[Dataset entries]
^^^^

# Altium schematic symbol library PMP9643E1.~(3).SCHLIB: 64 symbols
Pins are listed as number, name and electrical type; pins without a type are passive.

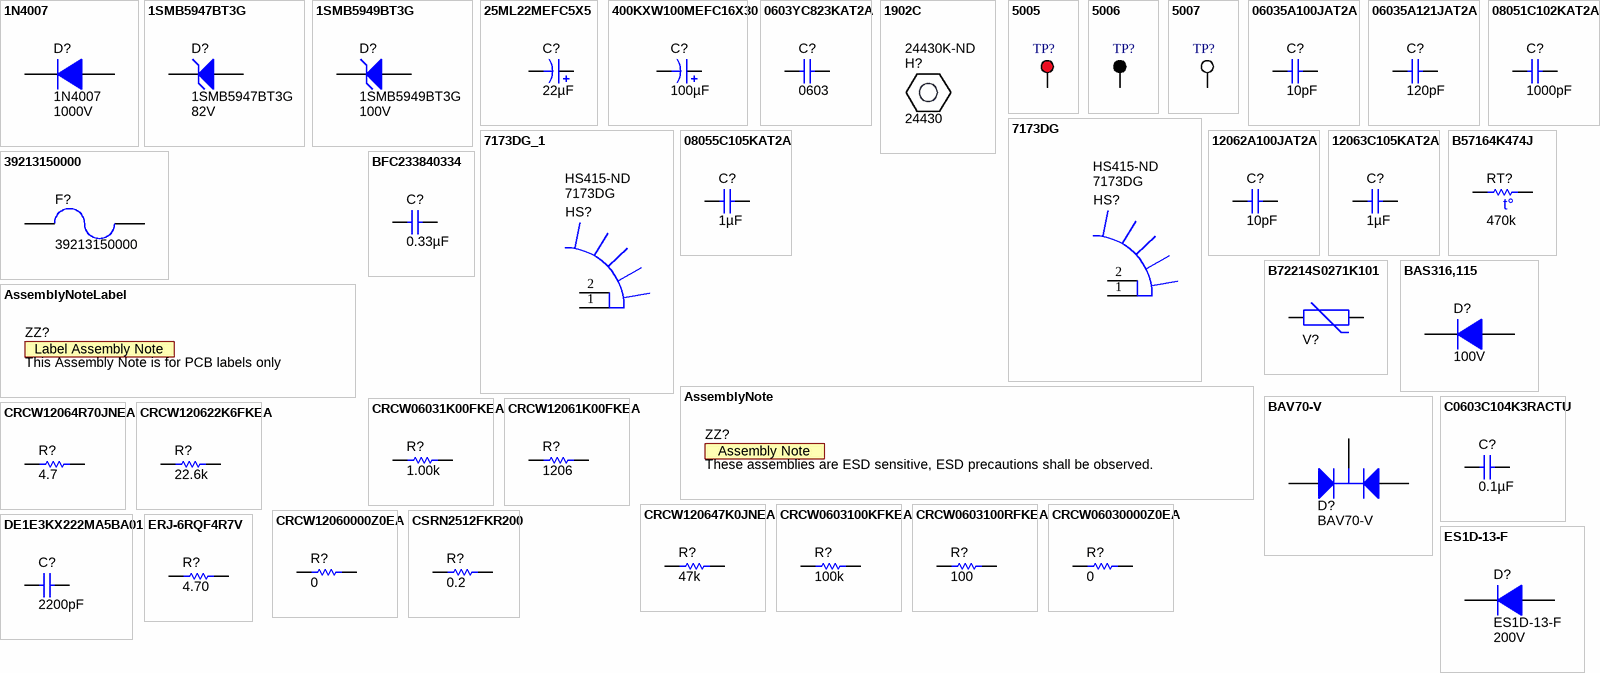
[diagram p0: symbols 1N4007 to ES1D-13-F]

## 1N4007
designator D?  value 1000V
Diode, P-N, 1000V, 1A, TH; Manufacturer: Fairchild Semiconductor; U/M: EA; Vf_V: 1.1; Value2: 1.1V; Io_A: 1; Vr_V: 1000; TJmax_C: 175; RJC_CperW: 50
signal-integrity model Diode
footprint DO-41
footprint DO-41_15mm
pins: 1 K, 2 A

## 1SMB5947BT3G
designator D?  value 82V
Diode, Zener, 82V, 550mW, SMB; Manufacturer: ON Semiconductor; U/M: EA; Power_W: 0.55; Vz_V: 82; Value1: 0.55W; RJA_CperW: 226
signal-integrity model Diode
footprint SMB
pins: 1 K, 2 A

## 1SMB5949BT3G
designator D?  value 100V
Diode, Zener, 100V, 550mW, SMB; Manufacturer: ON Semiconductor; U/M: EA; Power_W: 0.55; Vz_V: 100; Value1: 0.55W; RJA_CperW: 226
signal-integrity model Diode
footprint SMB
pins: 1 K, 2 A

## 25ML22MEFC5X5
designator C?  ValueDisplayed: 22µF  (hidden comment: 25ML22MEFC5X5)
CAP, AL, 22uF, 25V, +/-20%, TH; Manufacturer: Rubycon; Polarized: Y; CompType: Capacitor; U/M: EA; Cap_F: 0.000022; Tolerance_%: 20; Value1: Unknown; VDC_V: 25; IRMS_A: 0.042; TaMin_C: -40; TaMax_C: 105; Cap_Case: 5x5
signal-integrity model Cap
simulation model Cap
footprint ML_500x500
pins: 1 +, 2 -

## 400KXW100MEFC16X30
designator C?  ValueDisplayed: 100µF  (hidden comment: 400KXW100MEFC16X30)
CAP, AL, 100uF, 400V, +/-20%, TH; Manufacturer: Rubycon; Polarized: Y; CompType: Capacitor; U/M: EA; Cap_F: 0.0001; Tolerance_%: 20; Value1: Unknown; VDC_V: 400; IRMS_A: 0.58; TaMin_C: -25; TaMax_C: 105; Cap_Case: RCAP, 16x30mm
signal-integrity model Cap
simulation model Cap
footprint CAPPR750W80D1600H3000 (Capacitor, Electrolytic, Radial; Body 16 x 30 mm (Dia.xH typ); Pin Spacing 7.5 mm (typ))
pins: 1 +, 2 -

## 0603YC823KAT2A
designator C?  PackageReference: 0603  (hidden comment: 0603YC823KAT2A)
CAP, CERM, 0.082uF, 16V, +/-10%, X7R, 0603; Manufacturer: AVX; Polarized: N; CompType: Capacitor; ValueDisplayed: 0.082µF; U/M: EA; Cap_F: 0.000000082; Tolerance_%: 10; ESR_Ohm: 0.042; Value1: 0.042 ohm; VDC_V: 16; TaMin_C: -55; TaMax_C: 125
signal-integrity model Cap
simulation model Cap
footprint 0603
footprint 0603M
footprint 0603L
footprint 0603_HV
pins: 1, 2

## 1902C
designator H?, comment 24430  Supplier Part Number: 24430K-ND
HEX STANDOFF M3 ALUMINUM 5MM; Manufacturer: Keystone Electronics; Threaded/Unthreaded: Threaded; Gender: Female, Female; Thread/Screw/Hole Size: M3 Thread; Between Board Height: 0.197" (5.00mm); Plating: Iridite
footprint Keystone_24430 (Hex Standoff, 5 x 0.5 threaded, Aluminium)

## 5005
designator TP?  (value not drawn)
Test Point, Compact, Red, TH; Manufacturer: Keystone; CompType: Test Point Loop; U/M: EA
footprint Keystone5005
pins: 1

## 5006
designator TP?  (value not drawn)
Test Point, Compact, Black, TH; Manufacturer: Keystone; CompType: Test Point Loop; U/M: EA
footprint Keystone5006
pins: 1

## 5007
designator TP?  (value not drawn)
Test Point, Compact, White, TH; Manufacturer: Keystone; CompType: Test Point Loop; U/M: EA
footprint Keystone5007
pins: 1

## 06035A100JAT2A
designator C?  ValueDisplayed: 10pF  (hidden comment: 06035A100JAT2A)
CAP, CERM, 10pF, 50V, +/-5%, C0G/NP0, 0603; Manufacturer: AVX; Polarized: N; CompType: Capacitor; U/M: EA; Cap_F: 0.00000000001; Tolerance_%: 5; ESR_Ohm: 0.403; Value1: 0.403 ohm; VDC_V: 50; TaMin_C: -55; TaMax_C: 125; Cap_Case: 0603
signal-integrity model Cap
simulation model Cap
footprint 0603
footprint 0603M
footprint 0603L
footprint 0603_HV
pins: 1, 2

## 06035A121JAT2A
designator C?  ValueDisplayed: 120pF  (hidden comment: 06035A121JAT2A)
CAP, CERM, 120pF, 50V, +/-5%, C0G/NP0, 0603; Manufacturer: AVX; Polarized: N; CompType: Capacitor; U/M: EA; Cap_F: 0.00000000012; Tolerance_%: 5; ESR_Ohm: 0.109; Value1: 0.109 ohm; VDC_V: 50; TaMin_C: -55; TaMax_C: 125; Cap_Case: 0603
signal-integrity model Cap
simulation model Cap
footprint 0603
footprint 0603M
footprint 0603L
footprint 0603_HV
pins: 1, 2

## 7173DG
designator HS?  Supplier Part Number 1: HS415-ND
BOARD LEVEL HEATSINK .375" TO-220; Manufacturer: Aavid Thermalloy; Attachment Method: Bolt On and PC Pin; Material Finish: Tin; Thermal Resistance @ Natural: 25.8°C/W; Thermal Resistance @ Forced Air Flow: 10.0°C/W @ 200 LFM; Power Dissipation @ Temperature Rise: 1.5W @ 50°C; Shape: Rectangular
footprint HSINK_7173DG (Aavid)
pins: 1, 2

## 7173DG_1
designator HS?, comment 7173DG  Supplier Part Number 1: HS415-ND
BOARD LEVEL HEATSINK .375" TO-220; Manufacturer: Aavid Thermalloy; Attachment Method: Bolt On and PC Pin; Material Finish: Tin; Thermal Resistance @ Natural: 25.8°C/W; Thermal Resistance @ Forced Air Flow: 10.0°C/W @ 200 LFM; Power Dissipation @ Temperature Rise: 1.5W @ 50°C; Shape: Rectangular
footprint HSINK_7173DG (Aavid)
pins: 1, 2

## 08051C102KAT2A
designator C?  ValueDisplayed: 1000pF  (hidden comment: 08051C102KAT2A)
CAP, CERM, 1000pF, 100V, +/-10%, X7R, 0805; Manufacturer: AVX; Polarized: N; CompType: Capacitor; U/M: EA; Cap_F: 0.000000001; Tolerance_%: 10; ESR_Ohm: 0.29; Value1: 0.29 ohm; VDC_V: 100; TaMin_C: -55; TaMax_C: 125; Cap_Case: 0805
signal-integrity model Cap
simulation model Cap
footprint 0805_HV
footprint 0805
footprint 0805M
footprint 0805L
pins: 1, 2

## 08055C105KAT2A
designator C?  ValueDisplayed: 1µF  (hidden comment: 08055C105KAT2A)
CAP, CERM, 1uF, 50V, +/-10%, X7R, 0805; Manufacturer: AVX; Polarized: N; CompType: Capacitor; U/M: EA; Cap_F: 0.000001; Tolerance_%: 10; Value1: Unknown; VDC_V: 50; TaMin_C: -55; TaMax_C: 125; Cap_Case: 0805
signal-integrity model Cap
simulation model Cap
footprint 0805_HV
footprint 0805
footprint 0805M
footprint 0805L
pins: 1, 2

## 12062A100JAT2A
designator C?  ValueDisplayed: 10pF  (hidden comment: 12062A100JAT2A)
CAP, CERM, 10pF, 200V, +/-5%, C0G/NP0, 1206; Manufacturer: AVX; Polarized: N; CompType: Capacitor; U/M: EA; Cap_F: 0.00000000001; Tolerance_%: 5; Value1: Unknown; VDC_V: 200; TaMin_C: -55; TaMax_C: 125; Cap_Case: 1206
signal-integrity model Cap
simulation model Cap
footprint 1206
footprint 1206M
footprint 1206L
pins: 1, 2

## 12063C105KAT2A
designator C?  ValueDisplayed: 1µF  (hidden comment: 12063C105KAT2A)
CAP, CERM, 1uF, 25V, +/-10%, X7R, 1206; Manufacturer: AVX; Polarized: N; CompType: Capacitor; U/M: EA; Cap_F: 0.000001; Tolerance_%: 10; ESR_Ohm: 0.013; Value1: 0.013 ohm; VDC_V: 25; TaMin_C: -55; TaMax_C: 125; Cap_Case: 1206
signal-integrity model Cap
simulation model Cap
footprint 1206
footprint 1206M
footprint 1206L
pins: 1, 2

## 39213150000
designator F?
Fuse, 3.15A, 250V, TH; Manufacturer: Littelfuse; U/M: EA; OpeningTime_200%_max: 120; VDC_V: 250; Irating_A: 3.15; Vdrop: 0.08; Soldering_Wave_MaxTemp_C: 260; Soldering_Wave_MaxTime_s: 5
footprint FUSE_392
pins: 1, 2

## AssemblyNote
designator ZZ?, comment These assemblies are ESD sensitive, ESD precautions shall be observed.  (no BOM)
SymbolCreator: codlsc; CompType: AssemblyNote
footprint AssemblyNote

## AssemblyNoteLabel
designator ZZ?, comment This Assembly Note is for PCB labels only  (no BOM)
SymbolCreator: a0412235
footprint AssemblyNoteLabel

## B57164K474J
designator RT?  value 470k  (hidden comment: B57164K474J)
Thermistor NTC, 470k ohm, 5%, Disc, 5.5x5mm; Manufacturer: EPCOS Inc; Tolerance_%: 5; Power_W: 0.45; TaMin_C: -55; TaMax_C: 125; U/M: EA
footprint THERM_B57164K
pins: 1, 2

## B72214S0271K101
designator V?  (value not drawn)
Varistor, 430V, 4.5KA, TH; Manufacturer: EPCOS Inc; SymbolCreator: a0412235
footprint VAR_B72214S0271
pins: 1, 2

## BAS316,115
designator D?  value 100V  (hidden comment: BAS316,115)
Diode, Ultrafast, 100V, 0.25A, SOD-323; Manufacturer: NXP Semiconductor; U/M: EA; Vf_V: 1.4; Value2: 1.4V; Io_A: 0.25; Vr_V: 100; TJmax_C: 150
signal-integrity model Diode
footprint sod-323
pins: 1 K, 2 A

## BAV70-V
designator D?
Diode, Switching, 70V, 0.25A, SOT-23; Manufacturer: Vishay-Semiconductor; SymbolCreator: a0412235; U/M: EA; Vf_V: 1.25; Value2: 1.25V; Io_A: 0.25; Vr_V: 70; TJmax_C: 150; RJC_CperW: 430
footprint SOT-23
footprint SOT-23M
footprint SOT-23L
pins: 1 A, 2 K, 3 C
1 alternate drawing of the same symbol

## BFC233840334
designator C?  ValueDisplayed: 0.33µF  (hidden comment: BFC233840334)
CAP, Film, 0.33uF, 630V, +/-20%, TH; Manufacturer: Vishay-Bccomponents; Polarized: N; CompType: Capacitor; U/M: EA; Cap_F: 0.00000033; Tolerance_%: 20; Value1: Unknown; VDC_V: 630; TaMin_C: -55; TaMax_C: 105; Cap_Case: 17.5x16.5x10mm
signal-integrity model Cap
simulation model Cap
footprint CAPRR1500W80D1750T1000H1650
pins: 1, 2

## C0603C104K3RACTU
designator C?  ValueDisplayed: 0.1µF  (hidden comment: C0603C104K3RACTU)
CAP, CERM, 0.1uF, 25V, +/-10%, X7R, 0603; Manufacturer: Kemet; Polarized: N; CompType: Capacitor; U/M: EA; Cap_F: 0.0000001; Tolerance_%: 10; Value1: Unknown; VDC_V: 25; TaMin_C: -55; TaMax_C: 125; Cap_Case: 0603
signal-integrity model Cap
simulation model Cap
footprint 0603
footprint 0603M
footprint 0603L
footprint 0603_HV
pins: 1, 2

## CRCW06031K00FKEA
designator R?  value 1.00k  (hidden comment: CRCW06031K00FKEA)
RES, 1.00k ohm, 1%, 0.1W, 0603; Manufacturer: Vishay-Dale; CompType: Resistor; Res_ohm: 1000; Value_Code: 1k00; Tolerance_%: 1; Power_W: 0.1; VDC_V: 75; TempCo: 100 ppm/C; EIA_Code: E96; U/M: EA
signal-integrity model Resistor
simulation model Resistor
footprint 0603
footprint 0603M
footprint 0603L
footprint 0603_HV
pins: 1, 2

## CRCW12061K00FKEA
designator R?  PackageReference: 1206  (hidden comment: CRCW12061K00FKEA)
RES, 1.00k ohm, 1%, 0.25W, 1206; Manufacturer: Vishay-Dale; CompType: Resistor; Res_ohm: 1000; Value_Code: 1k00; Tolerance_%: 1; Power_W: 0.25; VDC_V: 200; TempCo: 100 ppm/C; EIA_Code: E96; U/M: EA
signal-integrity model Resistor
simulation model Resistor
footprint 1206
footprint 1206M
footprint 1206L
pins: 1, 2

## CRCW12064R70JNEA
designator R?  value 4.7  (hidden comment: CRCW12064R70JNEA)
RES, 4.7 ohm, 5%, 0.25W, 1206; Manufacturer: Vishay-Dale; CompType: Resistor; Value_Code: 4R70; Tolerance_%: 5; Power_W: 0.25; VDC_V: 200; TempCo: 200 ppm/C; EIA_Code: E24; U/M: EA
signal-integrity model Resistor
simulation model Resistor
footprint 1206
footprint 1206M
footprint 1206L
pins: 1, 2

## CRCW120622K6FKEA
designator R?  value 22.6k  (hidden comment: CRCW120622K6FKEA)
RES, 22.6k ohm, 1%, 0.25W, 1206; Manufacturer: Vishay-Dale; CompType: Resistor; Res_ohm: 22600; Value_Code: 22k6; Tolerance_%: 1; Power_W: 0.25; VDC_V: 200; TempCo: 100 ppm/C; EIA_Code: E96; U/M: EA
signal-integrity model Resistor
simulation model Resistor
footprint 1206
footprint 1206M
footprint 1206L
pins: 1, 2

## CRCW120647K0JNEA
designator R?, comment value 47k  (hidden comment: CRCW120647K0FKEA)
RES, 47k ohm, 5%, 0.25W, 1206; Manufacturer: Vishay Dale; Description: RES 47.0K OHM 1/4W 1% 1206 SMD; Tolerance_%: ±1%; Power_W: 0.25W, 1/4W; TempCo: ±100ppm/°C
signal-integrity model Resistor
simulation model Resistor
footprint 1206
footprint 1206M
footprint 1206L
pins: 1, 2

## CRCW0603100KFKEA
designator R?  value 100k  (hidden comment: CRCW0603100KFKEA)
RES, 100k ohm, 1%, 0.1W, 0603; Manufacturer: Vishay-Dale; CompType: Resistor; Res_ohm: 100000; Tolerance_%: 1; Power_W: 0.1; VDC_V: 75; TempCo: 100 ppm/C; EIA_Code: E96; U/M: EA
signal-integrity model Resistor
simulation model Resistor
footprint 0603
footprint 0603M
footprint 0603L
footprint 0603_HV
pins: 1, 2

## CRCW0603100RFKEA
designator R?  value 100  (hidden comment: CRCW0603100RFKEA)
RES, 100 ohm, 1%, 0.1W, 0603; Manufacturer: Vishay-Dale; CompType: Resistor; Value_Code: 100R; Tolerance_%: 1; Power_W: 0.1; VDC_V: 75; TempCo: 100 ppm/C; EIA_Code: E96; U/M: EA
signal-integrity model Resistor
simulation model Resistor
footprint 0603
footprint 0603M
footprint 0603L
footprint 0603_HV
pins: 1, 2

## CRCW06030000Z0EA
designator R?  value 0  (hidden comment: CRCW06030000Z0EA)
RES, 0 ohm, 5%, 0.1W, 0603; Manufacturer: Vishay-Dale; CompType: Resistor; Value_Code: 0000; Tolerance_%: 5; Power_W: 0.1; VDC_V: 75; TempCo: 200 ppm/C; EIA_Code: E24; U/M: EA
signal-integrity model Resistor
simulation model Resistor
footprint 0603
footprint 0603M
footprint 0603L
footprint 0603_HV
pins: 1, 2

## CRCW12060000Z0EA
designator R?  value 0  (hidden comment: CRCW12060000Z0EA)
RES, 0 ohm, 5%, 0.25W, 1206; Manufacturer: Vishay-Dale; CompType: Resistor; Value_Code: 0000; Tolerance_%: 5; Power_W: 0.25; VDC_V: 200; TempCo: 200 ppm/C; EIA_Code: E24; U/M: EA
signal-integrity model Resistor
simulation model Resistor
footprint 1206
footprint 1206M
footprint 1206L
pins: 1, 2

## CSRN2512FKR200
designator R?  value 0.2  (hidden comment: CSRN2512FKR200)
RES, 0.2 ohm, 1%, 2W, 2512; Manufacturer: Stackpole Electronics Inc; CompType: Resistor; Value_Code: R200; Tolerance_%: 1; Power_W: 2; TempCo: 200 ppm/C; EIA_Code: E96; U/M: EA
signal-integrity model Resistor
simulation model Resistor
footprint 2512M
footprint 2512L
footprint 2512
pins: 1, 2

## DE1E3KX222MA5BA01
designator C?  ValueDisplayed: 2200pF  (hidden comment: DE1E3KX222MA5BA01)
CAP, CERM, 2200pF, 250V, +/-20%, E, Disc 10x8mm; Manufacturer: MuRata; VDC_V: 250; Tolerance_%: 20; Polarized: N; CompType: Capacitor; U/M: EA; Cap_F: 0.0000000022; Value1: Unknown; TaMin_C: -25; TaMax_C: 85; Cap_Case: CAPRD1000W60D1000H1400
signal-integrity model Cap
simulation model Cap
footprint CAPRD1000W60D1000H1400
pins: 1, 2

## ERJ-6RQF4R7V
designator R?  value 4.70  (hidden comment: ERJ-6RQF4R7V)
RES, 4.70 ohm, 1%, 0.125W, 0805; Manufacturer: Panasonic; CompType: Resistor; TempCo: 200 ppm/C; Tolerance_%: 1; Power_W: 0.125; Res_ohm: 4.7; Value_Code: 4R70; U/M: EA
signal-integrity model Resistor
simulation model Resistor
footprint 0805_HV
footprint 0805
footprint 0805M
footprint 0805L
pins: 1, 2

## ES1D-13-F
designator D?  value 200V  (hidden comment: ES1D-13-F)
Diode, Ultrafast, 200V, 1A, SMA; Manufacturer: Diodes Inc.; U/M: EA; Vf_V: 0.92; Value2: 0.92V; Io_A: 1; Vr_V: 200; TJmax_C: 150; RJC_CperW: 25
signal-integrity model Diode
footprint SMA
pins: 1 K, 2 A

^^^^

- **About this exercise**: Give the lines again exactly, starting where the entries begin and stopping once the line with "## 0603YC823KAT2A" is included; pictures are not copied.

- **Exercise answer**:
# Altium schematic symbol library PMP9643E1.~(3).SCHLIB: 64 symbols
Pins are listed as number, name and electrical type; pins without a type are passive.

[diagram p0: symbols 1N4007 to ES1D-13-F]

## 1N4007
designator D?  value 1000V
Diode, P-N, 1000V, 1A, TH; Manufacturer: Fairchild Semiconductor; U/M: EA; Vf_V: 1.1; Value2: 1.1V; Io_A: 1; Vr_V: 1000; TJmax_C: 175; RJC_CperW: 50
signal-integrity model Diode
footprint DO-41
footprint DO-41_15mm
pins: 1 K, 2 A

## 1SMB5947BT3G
designator D?  value 82V
Diode, Zener, 82V, 550mW, SMB; Manufacturer: ON Semiconductor; U/M: EA; Power_W: 0.55; Vz_V: 82; Value1: 0.55W; RJA_CperW: 226
signal-integrity model Diode
footprint SMB
pins: 1 K, 2 A

## 1SMB5949BT3G
designator D?  value 100V
Diode, Zener, 100V, 550mW, SMB; Manufacturer: ON Semiconductor; U/M: EA; Power_W: 0.55; Vz_V: 100; Value1: 0.55W; RJA_CperW: 226
signal-integrity model Diode
footprint SMB
pins: 1 K, 2 A

## 25ML22MEFC5X5
designator C?  ValueDisplayed: 22µF  (hidden comment: 25ML22MEFC5X5)
CAP, AL, 22uF, 25V, +/-20%, TH; Manufacturer: Rubycon; Polarized: Y; CompType: Capacitor; U/M: EA; Cap_F: 0.000022; Tolerance_%: 20; Value1: Unknown; VDC_V: 25; IRMS_A: 0.042; TaMin_C: -40; TaMax_C: 105; Cap_Case: 5x5
signal-integrity model Cap
simulation model Cap
footprint ML_500x500
pins: 1 +, 2 -

## 400KXW100MEFC16X30
designator C?  ValueDisplayed: 100µF  (hidden comment: 400KXW100MEFC16X30)
CAP, AL, 100uF, 400V, +/-20%, TH; Manufacturer: Rubycon; Polarized: Y; CompType: Capacitor; U/M: EA; Cap_F: 0.0001; Tolerance_%: 20; Value1: Unknown; VDC_V: 400; IRMS_A: 0.58; TaMin_C: -25; TaMax_C: 105; Cap_Case: RCAP, 16x30mm
signal-integrity model Cap
simulation model Cap
footprint CAPPR750W80D1600H3000 (Capacitor, Electrolytic, Radial; Body 16 x 30 mm (Dia.xH typ); Pin Spacing 7.5 mm (typ))
pins: 1 +, 2 -

## 0603YC823KAT2A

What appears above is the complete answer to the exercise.